Word-for-word reproduction, images excluded: copy every entry below.

-- Data follows --

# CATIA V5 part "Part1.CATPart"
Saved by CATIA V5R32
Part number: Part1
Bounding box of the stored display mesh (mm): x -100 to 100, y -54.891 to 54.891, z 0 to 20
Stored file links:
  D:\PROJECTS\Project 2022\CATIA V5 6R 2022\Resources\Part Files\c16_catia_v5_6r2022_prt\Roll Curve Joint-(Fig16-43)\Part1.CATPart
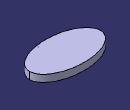
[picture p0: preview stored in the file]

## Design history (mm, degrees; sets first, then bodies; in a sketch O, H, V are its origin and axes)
Body1 (main body)
  Sketch1 on xy-plane, origin (0, 0, 0), H (1, 0, 0), V (0, 1, 0)
    point P1 (0, 0)
    ellipse A1 centre (0, 0) semi-axes 100, 55 rotation 0
    "Radius" A1 = 100
    "Radius" A1 = 55
    angle V A1 = 90
    coincidence: P1 H, P1 V
  Pad1: profile Sketch1, direction (0, 0, 1), length 20
  Point1: type OnCurve, Support edge [face of Pad1 from Sketch1.A1 | end face of Pad1], RefPoint {extremum Reference edge [face of Pad1 from Sketch1.A1 | end face of Pad1], Direction (1, 2, 3)}, Length 344.171

-- Data concluded --

* **Solution for this exercise**
# CATIA V5 part "Part1.CATPart"
Saved by CATIA V5R32
Part number: Part1
Bounding box of the stored display mesh (mm): x -100 to 100, y -54.891 to 54.891, z 0 to 20
Stored file links:
  D:\PROJECTS\Project 2022\CATIA V5 6R 2022\Resources\Part Files\c16_catia_v5_6r2022_prt\Roll Curve Joint-(Fig16-43)\Part1.CATPart
[picture p0: preview stored in the file]

## Design history (mm, degrees; sets first, then bodies; in a sketch O, H, V are its origin and axes)
Body1 (main body)
  Sketch1 on xy-plane, origin (0, 0, 0), H (1, 0, 0), V (0, 1, 0)
    point P1 (0, 0)
    ellipse A1 centre (0, 0) semi-axes 100, 55 rotation 0
    "Radius" A1 = 100
    "Radius" A1 = 55
    angle V A1 = 90
    coincidence: P1 H, P1 V
  Pad1: profile Sketch1, direction (0, 0, 1), length 20
  Point1: type OnCurve, Support edge [face of Pad1 from Sketch1.A1 | end face of Pad1], RefPoint {extremum Reference edge [face of Pad1 from Sketch1.A1 | end face of Pad1], Direction (1, 2, 3)}, Length 344.171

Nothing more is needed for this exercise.